The capability of generating weighted vectors for arbitrary texts also makes it possible to decompose individual documents into pieces and explore the relationships between these text pieces. [...] Such insights can be used for picking only the "good" parts of the document to be presented to the reader.Salton and Singhal further argued that manual link creation would be impractical for huge amounts of text, but these conclusions may have had limited influence given the general interest at that time in human generated hypertext links on the WWW.
Based on earlier work using PhiloMine, we have seen a number of "interesting" -- and at times unexpected -- connections between articles in the Encyclopédie, often drawing connections between previously unrelated articles, if by unrelated we mean having different authors, classes of knowledge and few cross-references (renvois) between them. One might consider this kind of similarity measure between articles as a kind of intertextual discovery tool, where the system would propose articles possibly related to a specific article.
The Vector Space Model functions by comparing a query vector to all of the vectors in a corpus, making it an expensive calculation, not always suitable to real time use. In this experiment, I have recast the VSM implementation in PhiloMine to function as a batch job to generate a database of 27,753 Encyclopédie articles (those with 100 or more words) with the 20 most similar articles for each article. To do this, I pruned features (word stems) which more than 8,325 and less than 41 articles, resulting in a vector size of 10,431 features. I used a standard French word stemmer to reduce lexical variation and a Log Normalization function to handle variations in article sizes. The task took about 17 hours to run.
Update (December 7): I have replaced the VSM build above with the same on 39,200 articles -- all articles with 60 or more words -- which took about 29 hours to run. I pruned features found in more than 11,200 documents and less than 50, leaving 9,710 features. This may change some results by adding more small articles. Note, this is about as large a VSM task as can be performed in memory using perl hashes, since anything large runs out of memory. If we want to go larger, probably store vectors on disk and TIE them to perl hashes.
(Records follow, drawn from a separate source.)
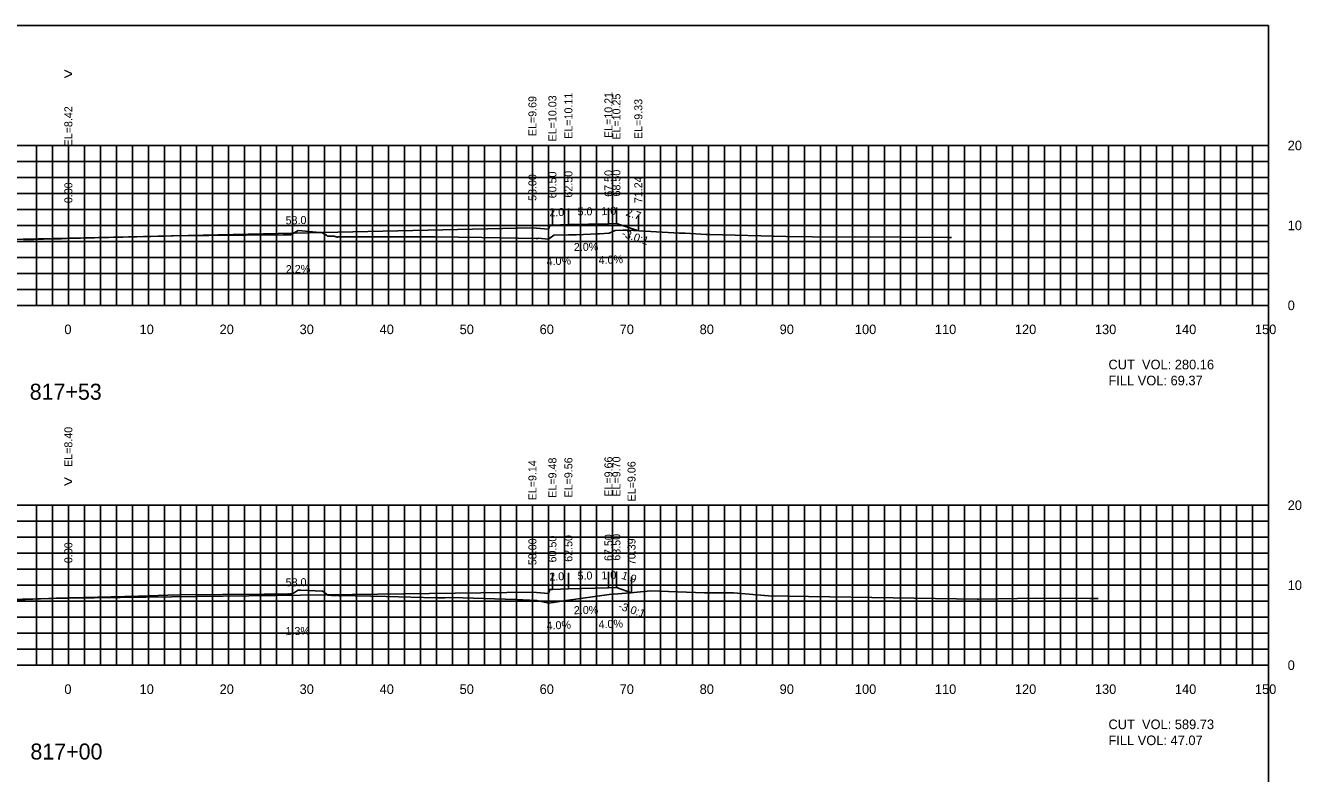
# Model space of a CAD drawing. Extents: x 1797419 to 1809236, y 248759 to 251512.
# Drawn here: x 1805345.6 to 1805505.1, y 250951.3 to 251044.9 of the extents above; entities that cross this region are included whole.
import ezdxf

# ---------------------------------------------------------------- set-up
doc = ezdxf.new("R2010")
doc.units = 0
for name, color, linetype in [('1', 7, 'Continuous'), ('10', 7, 'Continuous'), ('3', 7, 'Continuous'), ('31', 7, 'Continuous'), ('4', 7, 'Continuous'), ('60', 7, 'Continuous'), ('ANNO-TXT', 7, 'Continuous'), ('CL-CNST', 7, 'Continuous'), ('Level 62', 7, 'Continuous'), ('M-ROADS', 7, 'Continuous')]:
    doc.layers.add(name, color=color, linetype=linetype)

msp = doc.modelspace()

# ---------------------------------------------------------------- linework, layer by layer
for p, q in [((1805411.5, 251019.92), (1805411.5, 251021.92)), ((1805413.5, 251020), (1805413.5, 251022)), ((1805418.5, 251020.1), (1805418.5, 251022.1)), ((1805419.5, 251020.14), (1805419.5, 251022.14)), ((1805351, 251018.31), (1805351, 251020.31)), ((1805409, 251019.58), (1805409, 251021.58)), ((1805422.24, 251019.22), (1805422.24, 251021.22)), ((1805409, 250974.03), (1805409, 250976.03)), ((1805411.5, 250974.37), (1805411.5, 250976.37)), ((1805413.5, 250974.45), (1805413.5, 250976.45)), ((1805418.5, 250974.55), (1805418.5, 250976.55)), ((1805419.5, 250974.59), (1805419.5, 250976.59)), ((1805421.39, 250973.95), (1805421.39, 250975.95)), ((1805351, 250973.29), (1805351, 250975.29))]:
    msp.add_line(p, q)
msp.add_lwpolyline([(1805201, 250854.89), (1805501, 250854.89), (1805501, 251044.89), (1805201, 251044.89)], close=True)
at = {"layer": '60'}
for p, q in [((1805501, 251009.89), (1805501, 251029.89)), ((1805501.06, 251029.89), (1805501, 251029.89)), ((1805501.06, 251019.89), (1805501, 251019.89)), ((1805201, 251009.89), (1805501, 251009.89)), ((1805351, 251009.83), (1805351, 251009.89)), ((1805361, 251009.83), (1805361, 251009.89)), ((1805371, 251009.83), (1805371, 251009.89)), ((1805381, 251009.83), (1805381, 251009.89)), ((1805391, 251009.83), (1805391, 251009.89)), ((1805401, 251009.83), (1805401, 251009.89)), ((1805411, 251009.83), (1805411, 251009.89)), ((1805421, 251009.83), (1805421, 251009.89)), ((1805431, 251009.83), (1805431, 251009.89)), ((1805441, 251009.83), (1805441, 251009.89)), ((1805451, 251009.83), (1805451, 251009.89)), ((1805461, 251009.83), (1805461, 251009.89)), ((1805471, 251009.83), (1805471, 251009.89)), ((1805481, 251009.83), (1805481, 251009.89)), ((1805491, 251009.83), (1805491, 251009.89)), ((1805501, 251009.83), (1805501, 251009.89)), ((1805501.06, 251009.89), (1805501, 251009.89)), ((1805501, 250964.89), (1805501, 250984.89)), ((1805501.06, 250984.89), (1805501, 250984.89)), ((1805501.06, 250974.89), (1805501, 250974.89)), ((1805201, 250964.89), (1805501, 250964.89)), ((1805351, 250964.83), (1805351, 250964.89)), ((1805361, 250964.83), (1805361, 250964.89)), ((1805371, 250964.83), (1805371, 250964.89)), ((1805381, 250964.83), (1805381, 250964.89)), ((1805391, 250964.83), (1805391, 250964.89)), ((1805401, 250964.83), (1805401, 250964.89)), ((1805411, 250964.83), (1805411, 250964.89)), ((1805421, 250964.83), (1805421, 250964.89)), ((1805431, 250964.83), (1805431, 250964.89)), ((1805441, 250964.83), (1805441, 250964.89)), ((1805451, 250964.83), (1805451, 250964.89)), ((1805461, 250964.83), (1805461, 250964.89)), ((1805471, 250964.83), (1805471, 250964.89)), ((1805481, 250964.83), (1805481, 250964.89)), ((1805491, 250964.83), (1805491, 250964.89)), ((1805501, 250964.83), (1805501, 250964.89)), ((1805501.06, 250964.89), (1805501, 250964.89))]:
    msp.add_line(p, q, dxfattribs=at)
at = {"layer": 'CL-CNST'}
for points in [[(1805259.48, 251021), (1805270.5, 251017.32), (1805271.5, 251017.28), (1805276.5, 251017.18), (1805278.5, 251017.1), (1805278.83, 251017.1), (1805279, 251016.6), (1805281, 251016.77), (1805351, 251018.31), (1805409, 251019.58), (1805411, 251019.42), (1805411.17, 251019.92), (1805411.5, 251019.92), (1805413.5, 251020), (1805418.5, 251020.1), (1805419.5, 251020.14), (1805422.24, 251019.22)], [(1805255.67, 250976.18), (1805267.49, 250972.24), (1805268.49, 250972.2), (1805273.49, 250972.1), (1805275.49, 250972.02), (1805275.82, 250972.02), (1805275.99, 250971.52), (1805277.99, 250971.68), (1805351, 250973.29), (1805409, 250974.03), (1805411, 250973.87), (1805411.17, 250974.37), (1805411.5, 250974.37), (1805413.5, 250974.45), (1805418.5, 250974.55), (1805419.5, 250974.59), (1805421.39, 250973.95)]]:
    msp.add_lwpolyline(points, dxfattribs=at)
at = {"layer": 'Level 62'}
for p, q in [((1805201, 251029.89), (1805501, 251029.89)), ((1805347, 251009.89), (1805347, 251029.89)), ((1805349, 251009.89), (1805349, 251029.89)), ((1805351, 251009.89), (1805351, 251029.89)), ((1805353, 251009.89), (1805353, 251029.89)), ((1805355, 251009.89), (1805355, 251029.89)), ((1805357, 251009.89), (1805357, 251029.89)), ((1805359, 251009.89), (1805359, 251029.89)), ((1805361, 251009.89), (1805361, 251029.89)), ((1805363, 251009.89), (1805363, 251029.89)), ((1805365, 251009.89), (1805365, 251029.89)), ((1805367, 251009.89), (1805367, 251029.89)), ((1805369, 251009.89), (1805369, 251029.89)), ((1805371, 251009.89), (1805371, 251029.89)), ((1805373, 251009.89), (1805373, 251029.89)), ((1805375, 251009.89), (1805375, 251029.89)), ((1805377, 251009.89), (1805377, 251029.89)), ((1805379, 251009.89), (1805379, 251029.89)), ((1805381, 251009.89), (1805381, 251029.89)), ((1805383, 251009.89), (1805383, 251029.89)), ((1805385, 251009.89), (1805385, 251029.89)), ((1805387, 251009.89), (1805387, 251029.89)), ((1805389, 251009.89), (1805389, 251029.89)), ((1805391, 251009.89), (1805391, 251029.89)), ((1805393, 251009.89), (1805393, 251029.89)), ((1805395, 251009.89), (1805395, 251029.89)), ((1805397, 251009.89), (1805397, 251029.89)), ((1805399, 251009.89), (1805399, 251029.89)), ((1805401, 251009.89), (1805401, 251029.89)), ((1805403, 251009.89), (1805403, 251029.89)), ((1805405, 251009.89), (1805405, 251029.89)), ((1805407, 251009.89), (1805407, 251029.89)), ((1805409, 251009.89), (1805409, 251029.89)), ((1805411, 251009.89), (1805411, 251029.89)), ((1805413, 251009.89), (1805413, 251029.89)), ((1805415, 251009.89), (1805415, 251029.89)), ((1805417, 251009.89), (1805417, 251029.89)), ((1805419, 251009.89), (1805419, 251029.89)), ((1805421, 251009.89), (1805421, 251029.89)), ((1805423, 251009.89), (1805423, 251029.89)), ((1805425, 251009.89), (1805425, 251029.89)), ((1805427, 251009.89), (1805427, 251029.89)), ((1805429, 251009.89), (1805429, 251029.89)), ((1805431, 251009.89), (1805431, 251029.89)), ((1805433, 251009.89), (1805433, 251029.89)), ((1805435, 251009.89), (1805435, 251029.89)), ((1805437, 251009.89), (1805437, 251029.89)), ((1805439, 251009.89), (1805439, 251029.89)), ((1805441, 251009.89), (1805441, 251029.89)), ((1805443, 251009.89), (1805443, 251029.89)), ((1805445, 251009.89), (1805445, 251029.89)), ((1805447, 251009.89), (1805447, 251029.89)), ((1805449, 251009.89), (1805449, 251029.89)), ((1805451, 251009.89), (1805451, 251029.89)), ((1805453, 251009.89), (1805453, 251029.89)), ((1805455, 251009.89), (1805455, 251029.89)), ((1805457, 251009.89), (1805457, 251029.89)), ((1805459, 251009.89), (1805459, 251029.89)), ((1805461, 251009.89), (1805461, 251029.89)), ((1805463, 251009.89), (1805463, 251029.89)), ((1805465, 251009.89), (1805465, 251029.89)), ((1805467, 251009.89), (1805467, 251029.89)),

The results for a query shows the 20 most similar articles, ranked by the similarity score, where an exact match is equal to 1. For example, the article OUESSANT (Modern Geography) -- based on 27,000 articles -- is related to the articles VERTU [0.274], Luxe [0.267], ECONOMIE ou OECONOMIE [0.265], POPULATION [0.263], CHRISTIANISME [0.261], SOCIÉTÉ [0.256], AVERTISSEMENT DES ÉDITEURS (suite) [0.255], MANICHÉISME [0.254], CYNIQUE, secte de philosophes anciens [0.254], Gout [0.250], EDUCATION [0.248] and so on. This reflects the discussion of the moral conditions of the inhabitants of the small island off the coast of Brittany.
You can give it a try using this form (again now for 39,200 articles):
[Dec 9: I added word count info for each article. You can restrict searches to articles in ranges of size. Also, now storing 50 top matches, which you can limit. Showing matching articles which are smaller than source article. Dec 10: added function to display matching stems for any pairwise comparison for inspection.]
There are a number of other options that I might add to the VSM calculations, including using TF-IDF as an alternative normalization weighting scheme and use of virtual normalization to again reduce lexical variations and improve the performance of the stemming algorithm. I have also thought of using Latent Semantic Analysis as another way to handle similarity weighting, but given that we have many query terms, it is not clear that LSA would help all that much.
In a real production environment, I think we will add a "similar article link" from articles in the Encyclopédie. We have talked about having users rank the quality of the similarity performance. The scores assigned are somewhat helpful in ranking, but not in assessing an absolute number, since they can vary by the size of the input article. VSM is an unsupervised learning model. It is not clear to me that we could integrate user evaluations in any systematic fashion, but this is certainly an interesting subject of further consideration.
As always, please let me know what you think. I have a couple of general queries. I have used main and sub articles (as well plate legends, etc.) as units of similarity calculation. Should I use main entries only? I also limited this to articles with more than 100 words. At 50 words, we have some 43,000 articles. Should I do this for a full implementation?
 See Timothy Allen, Stéphane Douard, Charles Cooney, Russell Horton, Robert Morrissey, Mark Olsen, Glenn Roe, and Robert Voyer, "Plundering Philosophers: Identifying Sources of the Encyclopédie", Journal of the Association for History and Computing (forthcoming 2009). Also, see Ceglowski, Maxiej. 2003: "Building a Vector Space Search Engine in Perl", Perl.com [http://www.perl.com/pub/a/2003/02/19/engine.html].
 Salton, G., A. Wong, and C. S. Yang. 1975: "A Vector Space Model for Automatic Indexing," Communications of the ACM 18/11: 613-620.
 Singhal, A. and Salton, G. 1995: "Automatic Text Broswing Using Vector Space Model" in Proceedings of the Dual-Use Technologies and Applications Conference 318-324.